> [The data]

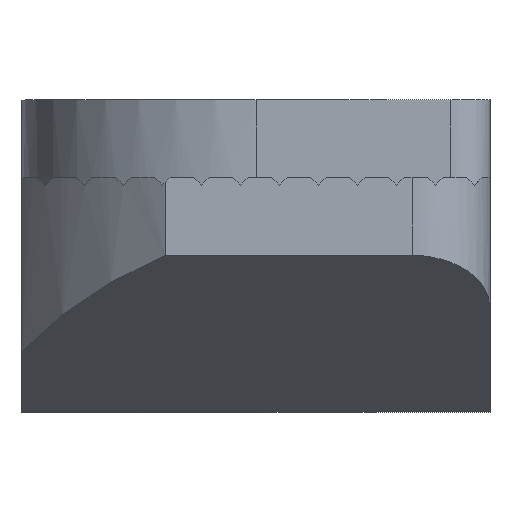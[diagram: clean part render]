
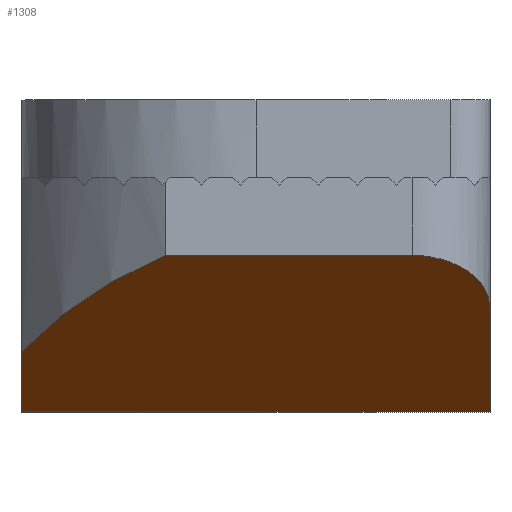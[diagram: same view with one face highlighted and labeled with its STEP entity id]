
A CAD part, top view. The second image highlights one B-rep face of the part: STEP entity #1308.
In plain terms, the highlighted planar face has unit normal (0, -0.832, 0.555).
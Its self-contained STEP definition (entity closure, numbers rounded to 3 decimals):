
#214 = VECTOR ( 'NONE', #2208, 1000. ) ;
#245 = CARTESIAN_POINT ( 'NONE',  ( 2., -1., 5. ) ) ;
#261 = CARTESIAN_POINT ( 'NONE',  ( -3., -3., 2. ) ) ;
#354 = PLANE ( 'NONE',  #797 ) ;
#368 = DIRECTION ( 'NONE',  ( 0., 0.832, -0.555 ) ) ;
#638 = VERTEX_POINT ( 'NONE', #1016 ) ;
#640 = LINE ( 'NONE', #261, #2020 ) ;
#687 = ORIENTED_EDGE ( 'NONE', *, *, #1785, .T. ) ;
#774 = ORIENTED_EDGE ( 'NONE', *, *, #1021, .F. ) ;
#797 = AXIS2_PLACEMENT_3D ( 'NONE', #1953, #368, #2210 ) ;
#1016 = CARTESIAN_POINT ( 'NONE',  ( -3., -2.225, 3.162 ) ) ;
#1021 = EDGE_CURVE ( 'NONE', #638, #1428, #1607, .T. ) ;
#1030 = CARTESIAN_POINT ( 'NONE',  ( -3., -3., 2. ) ) ;
#1153 = ORIENTED_EDGE ( 'NONE', *, *, #3030, .F. ) ;
#1158 = VERTEX_POINT ( 'NONE', #2739 ) ;
#1160 = CARTESIAN_POINT ( 'NONE',  ( -2.529, -1.729, 3.906 ) ) ;
#1308 = ADVANCED_FACE ( 'NONE', ( #1864 ), #354, .F. ) ;
#1355 = DIRECTION ( 'NONE',  ( 1., 0., 0. ) ) ;
#1365 = EDGE_LOOP ( 'NONE', ( #774, #2082, #687, #1589, #2515, #1153 ) ) ;
#1411 = CARTESIAN_POINT ( 'NONE',  ( -1.162, -1., 5. ) ) ;
#1428 = VERTEX_POINT ( 'NONE', #2980 ) ;
#1589 = ORIENTED_EDGE ( 'NONE', *, *, #1981, .T. ) ;
#1595 = CARTESIAN_POINT ( 'NONE',  ( 3., -1., 5. ) ) ;
#1607 =( BOUNDED_CURVE ( )  B_SPLINE_CURVE ( 3, ( #2410, #1160, #2896, #1411 ),
 .UNSPECIFIED., .F., .F. ) 
 B_SPLINE_CURVE_WITH_KNOTS ( ( 4, 4 ),
 ( 5.276, 5.719 ),
 .UNSPECIFIED. ) 
 CURVE ( )  GEOMETRIC_REPRESENTATION_ITEM ( )  RATIONAL_B_SPLINE_CURVE ( ( 1., 0.984, 0.984, 1. ) ) 
 REPRESENTATION_ITEM ( '' )  );
#1621 = LINE ( 'NONE', #1595, #2563 ) ;
#1622 = CARTESIAN_POINT ( 'NONE',  ( -3., -1., 5. ) ) ;
#1624 = CARTESIAN_POINT ( 'NONE',  ( 3., -3., 2. ) ) ;
#1730 = EDGE_CURVE ( 'NONE', #2852, #1158, #3270, .T. ) ;
#1785 = EDGE_CURVE ( 'NONE', #2041, #2215, #640, .T. ) ;
#1811 = EDGE_CURVE ( 'NONE', #2041, #638, #2675, .T. ) ;
#1843 = CARTESIAN_POINT ( 'NONE',  ( 2.586, -1., 5. ) ) ;
#1864 = FACE_OUTER_BOUND ( 'NONE', #1365, .T. ) ;
#1953 = CARTESIAN_POINT ( 'NONE',  ( -3., -1., 5. ) ) ;
#1981 = EDGE_CURVE ( 'NONE', #2215, #2852, #1621, .T. ) ;
#2016 = DIRECTION ( 'NONE',  ( 0., 0.555, 0.832 ) ) ;
#2020 = VECTOR ( 'NONE', #1355, 1000. ) ;
#2041 = VERTEX_POINT ( 'NONE', #1030 ) ;
#2082 = ORIENTED_EDGE ( 'NONE', *, *, #1811, .F. ) ;
#2208 = DIRECTION ( 'NONE',  ( 1., 0., 0. ) ) ;
#2210 = DIRECTION ( 'NONE',  ( 0., 0.555, 0.832 ) ) ;
#2215 = VERTEX_POINT ( 'NONE', #1624 ) ;
#2221 = CARTESIAN_POINT ( 'NONE',  ( -3., -1., 5. ) ) ;
#2395 = LINE ( 'NONE', #2221, #214 ) ;
#2410 = CARTESIAN_POINT ( 'NONE',  ( -3., -2.225, 3.162 ) ) ;
#2515 = ORIENTED_EDGE ( 'NONE', *, *, #1730, .T. ) ;
#2563 = VECTOR ( 'NONE', #2016, 1000. ) ;
#2626 = DIRECTION ( 'NONE',  ( 0., 0.555, 0.832 ) ) ;
#2675 = LINE ( 'NONE', #1622, #3175 ) ;
#2739 = CARTESIAN_POINT ( 'NONE',  ( 2., -1., 5. ) ) ;
#2821 = CARTESIAN_POINT ( 'NONE',  ( 3., -1.276, 4.586 ) ) ;
#2852 = VERTEX_POINT ( 'NONE', #2871 ) ;
#2871 = CARTESIAN_POINT ( 'NONE',  ( 3., -1.667, 4. ) ) ;
#2896 = CARTESIAN_POINT ( 'NONE',  ( -1.906, -1.314, 4.529 ) ) ;
#2980 = CARTESIAN_POINT ( 'NONE',  ( -1.162, -1., 5. ) ) ;
#3030 = EDGE_CURVE ( 'NONE', #1428, #1158, #2395, .T. ) ;
#3175 = VECTOR ( 'NONE', #2626, 1000. ) ;
#3270 =( BOUNDED_CURVE ( )  B_SPLINE_CURVE ( 3, ( #3296, #2821, #1843, #245 ),
 .UNSPECIFIED., .F., .F. ) 
 B_SPLINE_CURVE_WITH_KNOTS ( ( 4, 4 ),
 ( 4.712, 6.283 ),
 .UNSPECIFIED. ) 
 CURVE ( )  GEOMETRIC_REPRESENTATION_ITEM ( )  RATIONAL_B_SPLINE_CURVE ( ( 1., 0.805, 0.805, 1. ) ) 
 REPRESENTATION_ITEM ( '' )  );
#3296 = CARTESIAN_POINT ( 'NONE',  ( 3., -1.667, 4. ) ) ;

> [Exercise instructions]
Set down all of the entries exactly as they stand, without any image.

> [Output of the task]
[diagram: clean part render]
[diagram: same view with one face highlighted and labeled with its STEP entity id]
A CAD part, top view. The second image highlights one B-rep face of the part: STEP entity #1308.
In plain terms, the highlighted planar face has unit normal (0, -0.832, 0.555).
Its self-contained STEP definition (entity closure, numbers rounded to 3 decimals):
#214 = VECTOR ( 'NONE', #2208, 1000. ) ;
#245 = CARTESIAN_POINT ( 'NONE',  ( 2., -1., 5. ) ) ;
#261 = CARTESIAN_POINT ( 'NONE',  ( -3., -3., 2. ) ) ;
#354 = PLANE ( 'NONE',  #797 ) ;
#368 = DIRECTION ( 'NONE',  ( 0., 0.832, -0.555 ) ) ;
#638 = VERTEX_POINT ( 'NONE', #1016 ) ;
#640 = LINE ( 'NONE', #261, #2020 ) ;
#687 = ORIENTED_EDGE ( 'NONE', *, *, #1785, .T. ) ;
#774 = ORIENTED_EDGE ( 'NONE', *, *, #1021, .F. ) ;
#797 = AXIS2_PLACEMENT_3D ( 'NONE', #1953, #368, #2210 ) ;
#1016 = CARTESIAN_POINT ( 'NONE',  ( -3., -2.225, 3.162 ) ) ;
#1021 = EDGE_CURVE ( 'NONE', #638, #1428, #1607, .T. ) ;
#1030 = CARTESIAN_POINT ( 'NONE',  ( -3., -3., 2. ) ) ;
#1153 = ORIENTED_EDGE ( 'NONE', *, *, #3030, .F. ) ;
#1158 = VERTEX_POINT ( 'NONE', #2739 ) ;
#1160 = CARTESIAN_POINT ( 'NONE',  ( -2.529, -1.729, 3.906 ) ) ;
#1308 = ADVANCED_FACE ( 'NONE', ( #1864 ), #354, .F. ) ;
#1355 = DIRECTION ( 'NONE',  ( 1., 0., 0. ) ) ;
#1365 = EDGE_LOOP ( 'NONE', ( #774, #2082, #687, #1589, #2515, #1153 ) ) ;
#1411 = CARTESIAN_POINT ( 'NONE',  ( -1.162, -1., 5. ) ) ;
#1428 = VERTEX_POINT ( 'NONE', #2980 ) ;
#1589 = ORIENTED_EDGE ( 'NONE', *, *, #1981, .T. ) ;
#1595 = CARTESIAN_POINT ( 'NONE',  ( 3., -1., 5. ) ) ;
#1607 =( BOUNDED_CURVE ( )  B_SPLINE_CURVE ( 3, ( #2410, #1160, #2896, #1411 ),
 .UNSPECIFIED., .F., .F. ) 
 B_SPLINE_CURVE_WITH_KNOTS ( ( 4, 4 ),
 ( 5.276, 5.719 ),
 .UNSPECIFIED. ) 
 CURVE ( )  GEOMETRIC_REPRESENTATION_ITEM ( )  RATIONAL_B_SPLINE_CURVE ( ( 1., 0.984, 0.984, 1. ) ) 
 REPRESENTATION_ITEM ( '' )  );
#1621 = LINE ( 'NONE', #1595, #2563 ) ;
#1622 = CARTESIAN_POINT ( 'NONE',  ( -3., -1., 5. ) ) ;
#1624 = CARTESIAN_POINT ( 'NONE',  ( 3., -3., 2. ) ) ;
#1730 = EDGE_CURVE ( 'NONE', #2852, #1158, #3270, .T. ) ;
#1785 = EDGE_CURVE ( 'NONE', #2041, #2215, #640, .T. ) ;
#1811 = EDGE_CURVE ( 'NONE', #2041, #638, #2675, .T. ) ;
#1843 = CARTESIAN_POINT ( 'NONE',  ( 2.586, -1., 5. ) ) ;
#1864 = FACE_OUTER_BOUND ( 'NONE', #1365, .T. ) ;
#1953 = CARTESIAN_POINT ( 'NONE',  ( -3., -1., 5. ) ) ;
#1981 = EDGE_CURVE ( 'NONE', #2215, #2852, #1621, .T. ) ;
#2016 = DIRECTION ( 'NONE',  ( 0., 0.555, 0.832 ) ) ;
#2020 = VECTOR ( 'NONE', #1355, 1000. ) ;
#2041 = VERTEX_POINT ( 'NONE', #1030 ) ;
#2082 = ORIENTED_EDGE ( 'NONE', *, *, #1811, .F. ) ;
#2208 = DIRECTION ( 'NONE',  ( 1., 0., 0. ) ) ;
#2210 = DIRECTION ( 'NONE',  ( 0., 0.555, 0.832 ) ) ;
#2215 = VERTEX_POINT ( 'NONE', #1624 ) ;
#2221 = CARTESIAN_POINT ( 'NONE',  ( -3., -1., 5. ) ) ;
#2395 = LINE ( 'NONE', #2221, #214 ) ;
#2410 = CARTESIAN_POINT ( 'NONE',  ( -3., -2.225, 3.162 ) ) ;
#2515 = ORIENTED_EDGE ( 'NONE', *, *, #1730, .T. ) ;
#2563 = VECTOR ( 'NONE', #2016, 1000. ) ;
#2626 = DIRECTION ( 'NONE',  ( 0., 0.555, 0.832 ) ) ;
#2675 = LINE ( 'NONE', #1622, #3175 ) ;
#2739 = CARTESIAN_POINT ( 'NONE',  ( 2., -1., 5. ) ) ;
#2821 = CARTESIAN_POINT ( 'NONE',  ( 3., -1.276, 4.586 ) ) ;
#2852 = VERTEX_POINT ( 'NONE', #2871 ) ;
#2871 = CARTESIAN_POINT ( 'NONE',  ( 3., -1.667, 4. ) ) ;
#2896 = CARTESIAN_POINT ( 'NONE',  ( -1.906, -1.314, 4.529 ) ) ;
#2980 = CARTESIAN_POINT ( 'NONE',  ( -1.162, -1., 5. ) ) ;
#3030 = EDGE_CURVE ( 'NONE', #1428, #1158, #2395, .T. ) ;
#3175 = VECTOR ( 'NONE', #2626, 1000. ) ;
#3270 =( BOUNDED_CURVE ( )  B_SPLINE_CURVE ( 3, ( #3296, #2821, #1843, #245 ),
 .UNSPECIFIED., .F., .F. ) 
 B_SPLINE_CURVE_WITH_KNOTS ( ( 4, 4 ),
 ( 4.712, 6.283 ),
 .UNSPECIFIED. ) 
 CURVE ( )  GEOMETRIC_REPRESENTATION_ITEM ( )  RATIONAL_B_SPLINE_CURVE ( ( 1., 0.805, 0.805, 1. ) ) 
 REPRESENTATION_ITEM ( '' )  );
#3296 = CARTESIAN_POINT ( 'NONE',  ( 3., -1.667, 4. ) ) ;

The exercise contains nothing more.